The mere fact that there is no judgment here giving reasons for the "sufficient cause" does not in my opinion show that that discretion has not been judicially exercised. I would therefore, on both grounds dismiss this appeal with costs." -X- -X- -X- -X- -X- 18-19. The appeal thus, accordingly fails and is dismissed. The respondent is ordered to pay or deposit entire arrears of rent, if not already paid or deposited, within two days from today. The order impugned shall become enforceable only on payment or deposit of the rent as directed by the Rent Controlling Authority.
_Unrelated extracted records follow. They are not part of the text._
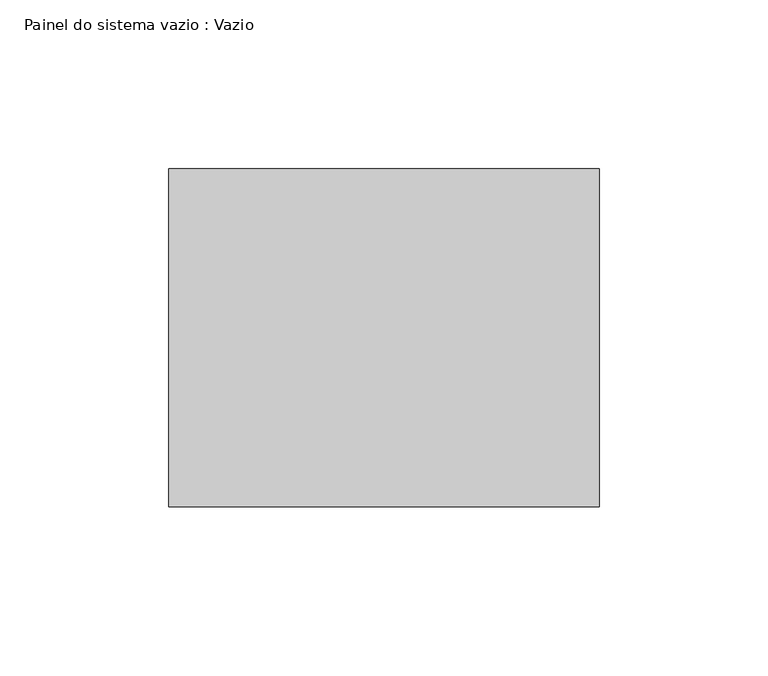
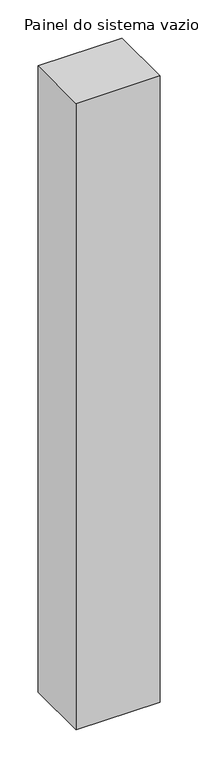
"""IFC4 building model written with IfcOpenShell, lengths in millimetres: plate geometry, Painel do sistema vazio : Vazio."""

from ifc_helpers import new_model, si_unit, origin, origin_with_axes, place, context, project, spatial, polyline, outline, extrude, source, transform, mapped, element, save


def painel_do_sistema_vazio_vazio_5b504051(model_context):
    return source(origin(), model_context, "Body", "SweptSolid", [
        extrude(outline(polyline([(63.7154572, -50.0), (-63.7154572, -50.0), (-63.7154572, 50.0), (63.7154572, 50.0), (63.7154572, -50.0)])), origin_with_axes(), (0.0, 0.0, 1.0), 1005.0),
    ])


if __name__ == "__main__":
    model = new_model("IFC4")
    model_context = context("Model", 3, world=origin())
    ifc_project = project(units=[si_unit("LENGTHUNIT", "METRE", prefix="MILLI")], contexts=[model_context])
    site = spatial("IfcSite", under=ifc_project)
    building = spatial("IfcBuilding", under=site)
    placement = place(None, origin())
    painel_do_sistema_vazio_vazio_shape = painel_do_sistema_vazio_vazio_5b504051(model_context)
    element("IfcPlate", 1, ObjectType="Painel do sistema vazio : Vazio", at=placement, inside=building, context=model_context, shape_type="MappedRepresentation", body=[
        mapped(painel_do_sistema_vazio_vazio_shape, transform((0.0, 0.0, 0.0), x_axis=(1.0, 0.0, 0.0), y_axis=(0.0, 1.0, 0.0), z_axis=(0.0, 0.0, 1.0))),
    ])
    save(model, "model.ifc")
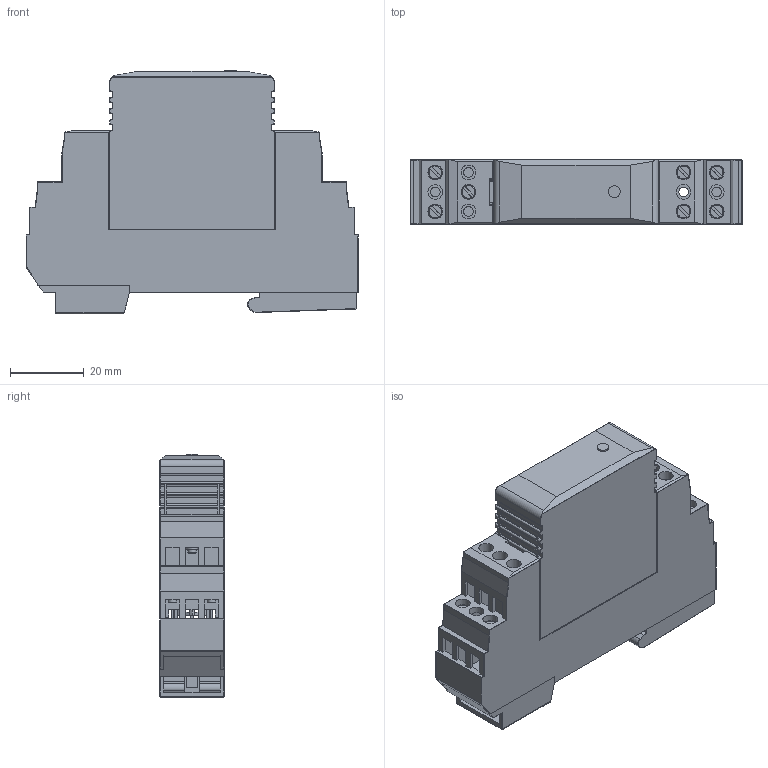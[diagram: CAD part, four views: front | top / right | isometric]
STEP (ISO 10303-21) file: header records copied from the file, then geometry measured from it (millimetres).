
FILE_DESCRIPTION(/* description */ (''),/* implementation_level */ '2;1');
FILE_NAME(/* name */ 'K:\PROJEKTY ROZPRACOVANÉ\MODELY DO KATALOGU\HDT\3D - step\HSAD-S.stp',/* time_stamp */ '2021-07-23T07:27:07+02:00',/* author */ ('miko'),/* organization */ (''),/* preprocessor_version */ 'ST-DEVELOPER v18.1',/* originating_system */ 'Autodesk Inventor 2022',/* authorisation */ '');
FILE_SCHEMA (('AUTOMOTIVE_DESIGN { 1 0 10303 214 3 1 1 }'));
Length unit declared in the file: millimetre
Products named in the file (3): HSAD-S; HSAS, HSAP; ŠROUB
Assembly tree (8 placements, depth 2):
  HSAD-S
    HSAS, HSAP
    ŠROUB  x7
Bounding box: 90.15 x 17.5 x 66.25 mm (x, y, z)
Volume: 49256.6 mm3; surface area: 32661.1 mm2
Topology: 16 solids, 16 shells, 1121 faces, 2880 edges, 1798 vertices
Faces by surface type: plane 665, cylinder 347, torus 54, sphere 28, cone 21, bspline 6
Full cylindrical faces by diameter (mm): 2.3 x14, 2.6 x12, 3 x7, 3.2 x1, 3.8 x7, 4 x18, 6 x1
Entity records: 31214 total; most frequent: CARTESIAN_POINT 5642, ORIENTED_EDGE 5288, DIRECTION 5274, EDGE_CURVE 2644, LINE 2006, VECTOR 2006, VERTEX_POINT 1642, AXIS2_PLACEMENT_3D 1634

The direction by way of interim relief is limited to the effecting of necessary repairs only. 20. However, the direction as regards adjustment of the amount of expenses in the rent, as passed by the Lower Appellate Court is set aside and the one embodied in the order of the Rent Controlling Authority is restored. 21. It is, however, clarified that nothing stated herein shall be construed as an expression of opinion on any point falling for consideration in the main petition. 22. The parties are however, in the facts and circumstances of the case, directed to bear their own costs of the appeal as incurred. 23. The parties shall appear before the Rent Controlling Authority, Indore on 12 - 4-1993 to take further orders. The records shall be returned immediately. The Rent Controlling Authority, Indore is directed to endeavour to conclude the main case within a period of three months from 12-4-1993.